Back at the rsa question - If solaris' random generator is faster than linux in all cases, then why is 'openssl speed rsa' slower on solaris than linux? Compile time differences? Perhaps it's some other system bottleneck I haven't explored yet.

Mysql prepare'd queries aren't cached, ever.

There once was a database named MySQL.

It had a query cache, becuase caching helps performance.

It also had queries you could "prepare" on the server-side, with the hope that your database server can make some smart decisions what to do with a query you're going to execute N times during this session.

I told mysql to enable it's caching and use a magic value of 1gb for memory storage.

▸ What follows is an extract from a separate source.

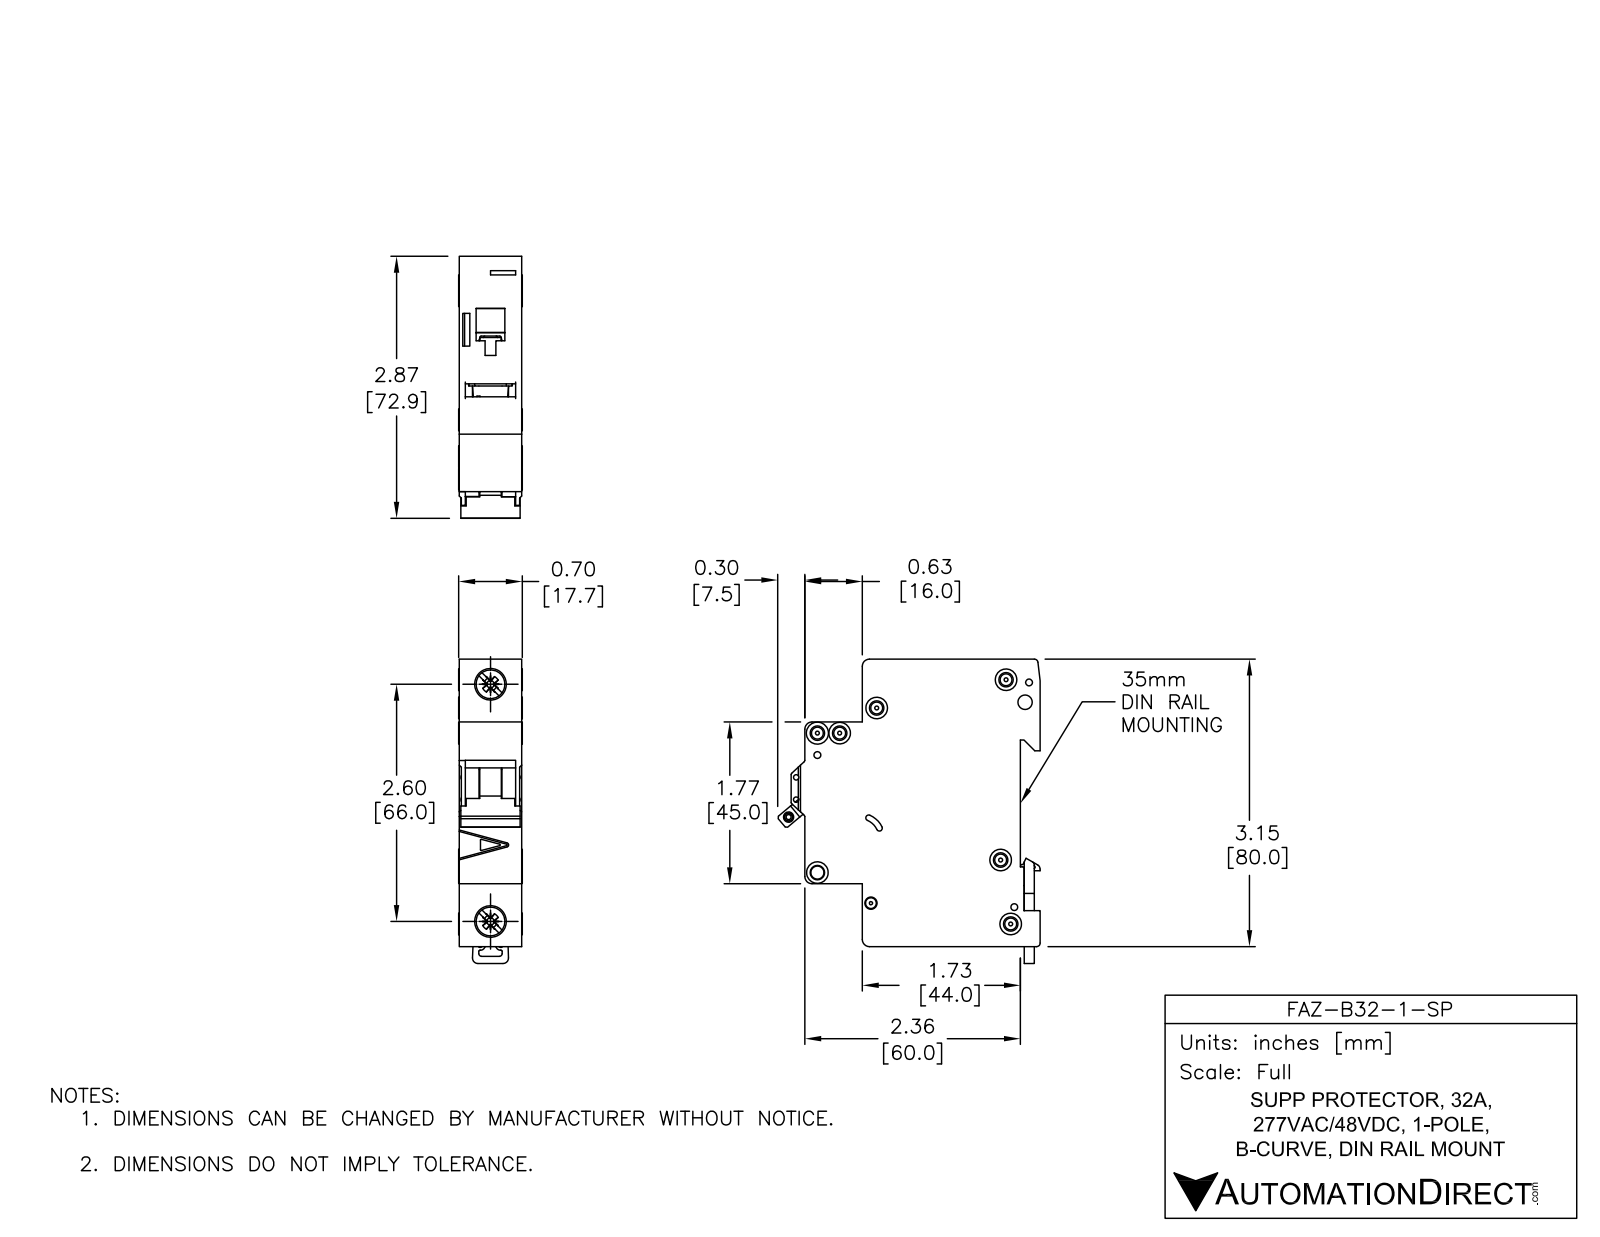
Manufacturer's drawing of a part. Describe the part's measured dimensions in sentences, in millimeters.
The part is named "FAZ-B32-1-SP". Its 3-D file was written by "SolidWorks 2014 (AUTOMOTIVE_DESIGN)". It is 5 solids with 558 faces: 235 planar, 202 cylindrical and 121 other. Overall it measures 84.78 by 73.04 by 17.7 millimeters. Its volume is 74 935 cubic millimeters and its surface area 19 545 square millimeters. Round holes: 6 of diameter 3.6, 3 of diameter 1.9, 2 of diameter 1.09, 2 of diameter 1.5, 2 of diameter 4, 2 of diameter 7.15, 1 of diameter 2.15, 1 of diameter 2.2, 1 of diameter 2.55, 1 of diameter 3.3, 1 of diameter 3.4. Round bosses or shafts: 4 of diameter 6, 2 of diameter 8.2, 1 of diameter 2.5. Partial cylindrical surfaces (rounded edges, fillets, slot ends): 30 of radius 0.25, 13 of radius 0.5, 8 of radius 2, 5 of radius 0.2, 4 of radius 1, 2 of radius 0.8, 2 of radius 3, 1 of radius 1.5. The main face-to-face distances are 17.5, 79.48, 5.5, 49.5, 44, 65.5, 60, 16, 1.75, 15.75. The hole center spacings are 6.2, 13.64, 4.81, 5.19, 5.61, 6.1, 6.44, 8.19.

Much to my surprise, I see the following statistic after testing an application:

mysql> show status like 'Qcache_%';
+-------------------------+------------+
| Variable_name           | Value      |
+-------------------------+------------+
| Qcache_free_blocks      | 1          | 
| Qcache_free_memory      | 1073732648 | 
| Qcache_hits             | 0          | 
| Qcache_inserts          | 0          | 
| Qcache_lowmem_prunes    | 0          | 
| Qcache_not_cached       | 814702     | 
| Qcache_queries_in_cache | 0          | 
| Qcache_total_blocks     | 1          | 
+-------------------------+------------+
8 rows in set (0.00 sec)
Why are so many (all!?) of the queries not cached? Surely I must be doing something wrong. Reading the doc on caching explained what I can only understand as a complete lapse of judgement on the part of MySQL developers:
from http://dev.mysql.com/doc/refman/5.0/en/query-cache.html
Note: The query cache is not used for server-side prepared statements. If you're using server-side prepared statements consider that these statement won't be satisfied by the query cache. See Section 22.2.4, C API Prepared Statements.
Any database performance guide anywhere will tell you to use prepared statements. They're useful from both a security and performance perspective.

Security, becuase you feed the prepared query data and it knows what data types to expect, erroring when you pass something invalid. It also will handle strings properly, so you worry less about sql injection. You also get convenience, in that you don't have to escape your data.

Performance, becuase telling the database what you are about to do lets it optimize the query.

This performance is defeated, however, if you want to use caching. So, I've got a dillema! There are two mutually-exclusive (because MySQL sucks) performance-enhancing options available to me: using prepared statements or using caching.

Prepared statements give you two performance benefits (maybe more?). The first, is the server will parse the query string when you prepare it, and execute the "parsed" version whenever you invoke it. This saves parsing time; parsing text is expensive. The second, is that if your database is nice, it will try to optimize your queries before execution. Using prepared statements will permit the server to optimize query execution once, and then remember it. Good, right?

Prepared statements improve CPU utilization, in that the cpu can work less becuase you're teaching the database about what's coming next. Cached query responses improve disk utilization, and depending on implementation should vastly outperform most (all?) of the gains from prepared statements. This assumption I am making is based on the assumption that disk is slow and cpu is fast.

Cached queries will (should?) cache results of complex queries. This means that a select query with multiple, complex joins should be cached mapping the query string to the result. No amount of statement preparation will improve complex queries becuase they still have to hit disk. Large joins require lots of disk access, and therefore are slow. Remembering "This complex query" returned "this happy result" is fast regardless of whether or not it's stored on disk or in memory. Caching also saves cpu utilization.

I can't believe preparing a query will prevent it from being pulled from the query cache, but this is clearly the case. Thanks, MySQL, for making a stupid design decision.

Maybe there's some useful JDBC (oh yeah, the app I'm testing is written in Java) function that'll give you all the convenience/security benefits of prepare, but without the server-side bits, and thus let you use the query cache.